Majumdar: So we had this realization that the great engineering school of the future must be humble enough to reach outside its faculty to the broader university and the larger external ecosystem. Then we took that idea one step further. We needed a way to reach outside Stanford, perhaps outside of academe, to bring the brightest minds together in teams to focus on the toughest challenges. Our working name is the Accelerator for Collaborative Engineering. Let me offer an example from the time I spent at the Department of Energy. We will have to reorganize the electric grid around renewable sources like solar and wind. Customers will become producers as well as consumers. There are many technical aspects to this shift that are the traditional province of engineering. But this shift will require a regulatory framework and price signals to make markets fair and functional. That’s what we mean when we talk about putting people in the loop. We have to develop technology in a way that informs policy and helps to shape policy that pulls technology into the market.

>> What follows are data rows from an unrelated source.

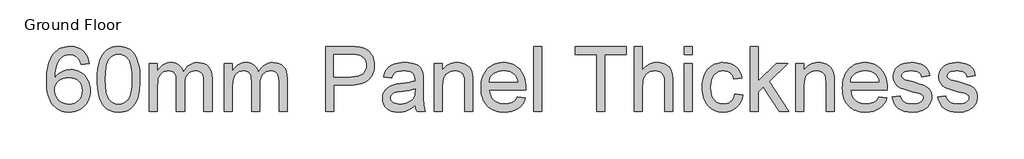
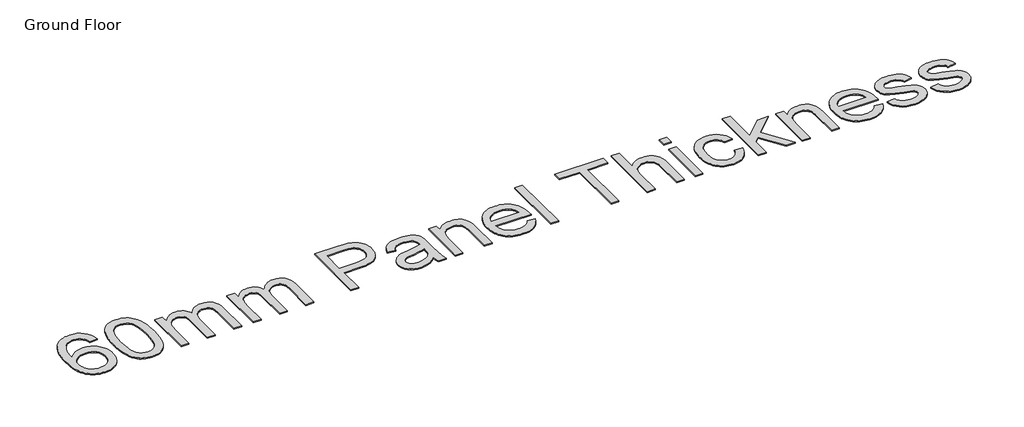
# One storey, part 12 of 14: 1 proxy.
"""IFC4 building model written with IfcOpenShell, lengths in millimetres."""

from ifc_helpers import new_model, si_unit, origin, origin_with_axes, place, context, project, spatial, polyline, outline, extrude, element, save

model = new_model("IFC4")

# Units and contexts
model_context = context("Model", 3, world=origin())
ifc_project = project(units=[si_unit("LENGTHUNIT", "METRE", prefix="MILLI")], contexts=[model_context])

# Site, building, storey
site = spatial("IfcSite", under=ifc_project)
building = spatial("IfcBuilding", under=site)
storey = spatial("IfcBuildingStorey", under=building, Name="Ground Floor", Elevation=0.0)

# Proxy
placement = place(None, origin())
element("IfcBuildingElementProxy", 1, Name="1200mm Arial", ObjectType="1200mm Arial", at=placement, inside=storey, context=model_context, shape_type="SweptSolid", body=[
    extrude(outline(polyline([(10291.2693651, 8965.5363547), (10144.3602742, 8947.1727183), (10133.5644645, 8986.4644442), (10120.6883992, 9019.9816672), (10105.7320782, 9047.7243874), (10088.6955015, 9069.6926047), (10057.1150682, 9096.4310635), (10022.0555867, 9115.5299626), (9983.5170569, 9126.9893021), (9941.4994788, 9130.809082), (9906.8524617, 9128.5853604), (9873.209706, 9121.9141956), (9840.5712117, 9110.7955876), (9808.9369788, 9095.2295365), (9780.0734312, 9069.7733043), (9753.7384702, 9039.0267666), (9729.9320959, 9002.9899236), (9708.6543083, 8961.6627751), (9691.0349013, 8912.319469), (9678.2036691, 8852.234153), (9670.1606116, 8781.406827), (9666.9057288, 8699.8374911), (9694.9084809, 8736.7530628), (9725.8343509, 8768.593528), (9759.6833388, 8795.3588867), (9796.4554447, 8817.0491388), (9835.1643403, 8833.8077503), (9874.8236975, 8845.7781871), (9915.4335164, 8852.9604492), (9956.9937969, 8855.3545365), (9992.9678736, 8853.7181285), (10027.5790242, 8848.8089044), (10060.8272486, 8840.6268643), (10092.7125469, 8829.1720081), (10123.2349191, 8814.4443359), (10152.3943651, 8796.4438476), (10180.190885, 8775.1705433), (10206.6244788, 8750.6244229), (10230.7671013, 8723.4869495), (10251.6907074, 8694.4395862), (10269.3952973, 8663.482333), (10283.8808708, 8630.6151899), (10295.147428, 8595.8381569), (10303.1949688, 8559.151234), (10308.0234933, 8520.5544211), (10309.6330015, 8480.0477183), (10306.6022842, 8426.4901011), (10297.5101322, 8374.8513405), (10282.3565455, 8325.1314364), (10261.1415242, 8277.3303888), (10234.6182643, 8233.232555), (10203.5399617, 8194.6222922), (10167.9066165, 8161.4996004), (10127.7182288, 8133.8644797), (10083.8355938, 8112.0845614), (10037.1195072, 8096.5274768), (9987.5699688, 8087.1932261), (9935.1869788, 8084.0818092), (9890.3381906, 8086.1441317), (9847.6100079, 8092.331099), (9807.0024306, 8102.6427112), (9768.5154589, 8117.0789683), (9732.1490926, 8135.6398703), (9697.9033317, 8158.3254172), (9665.7781764, 8185.135609), (9635.7736265, 8216.0704456), (9608.6383948, 8251.7396572), (9585.121194, 8292.752974), (9565.222024, 8339.1103959), (9548.940885, 8390.8119229), (9536.2777769, 8447.857555), (9527.2326996, 8510.2472922), (9521.8056533, 8577.9811345), (9519.9966378, 8651.059082), (9522.0051606, 8732.8839666), (9528.0307288, 8808.9253817), (9538.0733424, 8879.1833273), (9552.1330015, 8943.6578036), (9570.209706, 9002.3488103), (9592.303456, 9055.2563476), (9618.4142515, 9102.3804154), (9648.5420924, 9143.7210138), (9677.8046545, 9175.1265979), (9709.4971705, 9202.3447709), (9743.6196403, 9225.3755326), (9780.172064, 9244.2188831), (9819.1544415, 9258.8748224), (9860.5667728, 9269.3433504), (9904.4090579, 9275.6244673), (9950.6812969, 9277.7181729), (10018.3434063, 9272.5354669), (10079.5854163, 9256.987349), (10134.4073268, 9231.0738192), (10182.8091378, 9194.7948774), (10223.4817231, 9149.369984), (10255.115956, 9096.018599), (10277.7118367, 9034.7407226), (10291.2693651, 8965.5363547)]), holes=[polyline([(9666.9057288, 8482.3431729), (9669.0308175, 8449.4267134), (9675.4060839, 8417.2455166), (9686.0315278, 8385.7995827), (9700.9071492, 8355.0889115), (9719.306652, 8326.5571288), (9740.5037401, 8301.6478604), (9764.4984134, 8280.3611061), (9791.2906719, 8262.6968661), (9820.7101499, 8248.825506), (9852.5864816, 8238.9173916), (9886.919667, 8232.972523), (9923.709706, 8230.9909001), (9974.774603, 8235.0976118), (10020.6567941, 8247.4177467), (10061.3562792, 8267.951305), (10096.8730583, 8296.6982865), (10125.6828062, 8332.4930308), (10146.2611975, 8374.1698774), (10158.6082323, 8421.7288263), (10162.7239106, 8475.1698774), (10158.662032, 8526.5217063), (10146.4763964, 8572.1169655), (10126.1670036, 8611.9556551), (10097.7338538, 8646.0377751), (10062.1094752, 8673.341131), (10020.2263964, 8692.843528), (9972.0846172, 8704.5449662), (9917.6841378, 8708.4454456), (9867.3007039, 8704.5449662), (9820.8805157, 8692.843528), (9778.4235732, 8673.341131), (9739.9298765, 8646.0377751), (9707.9818118, 8612.4039861), (9685.1617657, 8573.9102893), (9671.469738, 8530.5566849), (9666.9057288, 8482.3431729)])]), origin_with_axes(), (0.0, 0.0, 1.0), 20.0),
    extrude(outline(polyline([(10438.178456, 8680.6130592), (10440.8774084, 8779.4341707), (10448.9742657, 8868.7327325), (10462.4690278, 8948.5087446), (10481.3616947, 9018.762207), (10505.5715668, 9080.0669832), (10535.0179447, 9132.9969371), (10569.7008282, 9177.5520685), (10609.6202174, 9213.7323774), (10654.9106116, 9241.7261629), (10705.70651, 9261.721724), (10762.0079127, 9273.7190607), (10823.8148197, 9277.7181729), (10870.2619077, 9275.3509854), (10914.3418083, 9268.2494229), (10956.0545214, 9256.4134854), (10995.4000469, 9239.8431729), (11031.4279234, 9218.8164506), (11063.187689, 9193.6112837), (11090.6793438, 9164.2276722), (11113.9028878, 9130.6656161), (11134.0239816, 9093.0596146), (11152.2082856, 9051.5441672), (11182.7665242, 8956.7849342), (11194.4410626, 8901.0573952), (11202.7800185, 8836.452903), (11207.7833921, 8762.9714577), (11209.4511833, 8680.6130592), (11206.7791307, 8582.4196111), (11198.7629731, 8493.5693803), (11185.4027103, 8414.0623668), (11166.6983424, 8343.8985706), (11142.6767692, 8282.5668945), (11113.3648907, 8229.5562411), (11078.7627067, 8184.8666104), (11038.8702174, 8148.4980024), (10993.5260235, 8120.3159179), (10942.5687259, 8100.1858575), (10885.9983246, 8088.1078213), (10823.8148197, 8084.0818092), (10782.209706, 8085.8303), (10742.9000469, 8091.0757723), (10705.8858424, 8099.8182261), (10671.1670924, 8112.0576615), (10638.7437969, 8127.7940784), (10608.615956, 8147.0274768), (10580.7835697, 8169.7578568), (10555.2466378, 8195.9852183), (10527.8087827, 8237.5141157), (10504.0293083, 8284.485751), (10483.9082145, 8336.9001242), (10467.4455015, 8394.7572354), (10454.6411691, 8458.0570844), (10445.4952174, 8526.7996715), (10440.0076464, 8600.9849964), (10438.178456, 8680.6130592)]), holes=[polyline([(10585.0875469, 8680.8999911), (10589.3915242, 8553.1884321), (10602.303456, 8449.812278), (10611.9874049, 8407.2499777), (10623.8233424, 8370.7715287), (10637.8112685, 8340.3769309), (10653.9511833, 8316.0661842), (10690.3915242, 8278.8457474), (10730.8489106, 8252.2597212), (10775.3233424, 8236.3081054), (10823.8148197, 8230.9909001), (10872.3062969, 8236.3260386), (10916.7807288, 8252.3314541), (10957.2381151, 8279.0071466), (10993.678456, 8316.3531161), (11009.8183708, 8340.7221457), (11023.8062969, 8371.1481267), (11035.6422344, 8407.6310591), (11045.3261833, 8450.1709428), (11058.2381151, 8553.4215642), (11062.5420924, 8680.8999911), (11058.381581, 8805.2311345), (11045.9000469, 8906.7870649), (11036.5388964, 8949.0243252), (11025.0974901, 8985.5677822), (11011.5758282, 9016.417436), (10995.9739106, 9041.5732865), (10960.1432998, 9080.613947), (10919.2196492, 9108.5001331), (10873.2029589, 9125.2318447), (10822.0932288, 9130.809082), (10773.8528168, 9125.8953746), (10730.131581, 9111.1542524), (10690.9295214, 9086.5857155), (10656.2466378, 9052.1897638), (10639.5687259, 9024.3573774), (10625.1145356, 8991.2167524), (10612.8840668, 8952.7678888), (10602.8773197, 8909.0107865), (10589.5349901, 8805.5718661), (10585.0875469, 8680.8999911)])]), origin_with_axes(), (0.0, 0.0, 1.0), 20.0),
    extrude(outline(polyline([(11374.7239106, 8102.4454456), (11374.7239106, 8965.5363547), (11521.6330015, 8965.5363547), (11521.6330015, 8823.5051047), (11542.1486265, 8857.8920898), (11565.8205015, 8888.7462268), (11592.6486265, 8916.0675159), (11622.6330015, 8939.855957), (11655.289429, 8959.1252219), (11690.1337117, 8972.8889825), (11727.1658495, 8981.1472389), (11766.3858424, 8983.8999911), (11809.264216, 8981.0934392), (11848.0896776, 8972.6737837), (11882.8622273, 8958.6410244), (11913.5818651, 8938.9951615), (11940.1589248, 8914.2921253), (11962.5037401, 8885.0878462), (11980.6163111, 8851.3823242), (11994.4966378, 8813.1755592), (12020.3294681, 8853.1890979), (12048.0452884, 8887.8674982), (12077.6440988, 8917.2107599), (12109.1258992, 8941.2188831), (12142.4906897, 8959.8918678), (12177.7384702, 8973.2297141), (12214.8692408, 8981.2324218), (12253.8830015, 8983.8999911), (12312.6950576, 8979.4615145), (12364.315885, 8966.1460848), (12408.7454837, 8943.953702), (12445.9838538, 8912.8843661), (12475.421265, 8872.5794122), (12496.4479873, 8822.6801757), (12509.0640207, 8763.1866565), (12513.2693651, 8694.0988547), (12513.2693651, 8102.4454456), (12366.3602742, 8102.4454456), (12366.3602742, 8630.9738547), (12362.9529589, 8704.2490678), (12352.7310128, 8753.637207), (12344.5355228, 8771.4538795), (12333.578314, 8787.459295), (12319.8593864, 8801.6534534), (12303.3787401, 8814.0363547), (12284.7371386, 8824.0789683), (12264.5353452, 8831.2522638), (12219.4511833, 8836.9909001), (12177.8191698, 8833.3145862), (12139.8634702, 8822.2856445), (12105.5840846, 8803.9040749), (12074.9810128, 8778.1698774), (12049.8117124, 8744.3298561), (12031.8336407, 8701.6308149), (12021.0467976, 8650.0727538), (12017.4511833, 8589.6556729), (12017.4511833, 8102.4454456), (11870.5420924, 8102.4454456), (11870.5420924, 8647.3289683), (11868.4170036, 8691.8392666), (11862.0417373, 8730.3957297), (11851.4162934, 8762.9983575), (11836.5406719, 8789.6471501), (11816.8230761, 8810.3600408), (11791.6717089, 8825.1549626), (11761.0865704, 8834.0319158), (11725.0676606, 8836.9909001), (11696.2130796, 8835.0182439), (11668.4703594, 8829.1002751), (11641.8395001, 8819.2369939), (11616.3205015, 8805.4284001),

Otherwise your various actors are operating at cross-purposes and we run the risk that nothing happens.

Widom: We hope this seems obvious in retrospect but it wasn’t obvious when we first sat down to work, and it’s important to understand how we arrived at our conclusions. Our committee framed two simple yet profound questions:

  • How should Stanford Engineering be configured to address the major opportunities and challenges of the future?
  • In what areas can Stanford Engineering make significant world‐changing impact?

Then we cast a wide net for answers. We solicited ideas from tenured and non-tenured faculty, from students and staff in the School of Engineering, from our colleagues across Stanford, and from friends and peers in business and academe. Our process was open. What we heard is that we shouldn’t just do research as usual. It wasn’t enough for us to collaborate among ourselves. We are already good at that. To tackle the challenges looming on the horizon, Stanford Engineering will have to increase diversity in every way: in students, in faculty, in knowledge, in ideas.

Majumdar: Among the things our committee did was to ask for written proposals on what we called “Big Ideas.” We expected to get 20 or 30 submissions. We got 90.

Widom: And most of those were multi-faculty. Something on the order of half our faculty were involved in one or more proposals. People really thought out these ideas.

Majumdar: That level of engagement was our greatest source of pride because our job was to distill and represent the interests of staff, students and faculty. And all that input came in a bottom-up fashion.

Widom: The hardest job we had was trying to organize these 90 proposals. There were so many ideas and they were so broad in scope that it was tough to get a grip on what we had and come up with a reasonable set of themes.

Majumdar: The big turn came when we decided to frame the major themes as questions. Because as every PhD student knows, the most important thing is to ask the right question. Once you do that the research you need to do falls into place. So we came up with 10 questions that we believe Stanford Engineering is positioned to make progress on.

Widom: As Persis says, everybody can see themselves and their work in these 10 questions, like, How do we educate in the future? How can we ensure that humanity flourishes in the cities of the future? And so on.

Majumdar: You should tell them about the T-shirt.

Widom: During the pre-planning process our group of five talked to top university officials including President John Hennessy. And his advice was: no peanut-butter plan. By that he meant don’t just spread resources evenly across everything. Think strategically. Pick the spots where we can have big impact and focus on those.

Majumdar: So we all got these shirts with our names on them. And the picture on the back is a peanut butter jar with a big X, to remind us not to spread the peanut butter too thin.

Widom: We had fun, but it was a big commitment and a lot of work.

Majumdar: Yes, it was a bonding experience and that’s one of the reasons the process worked. The dedication was amazing.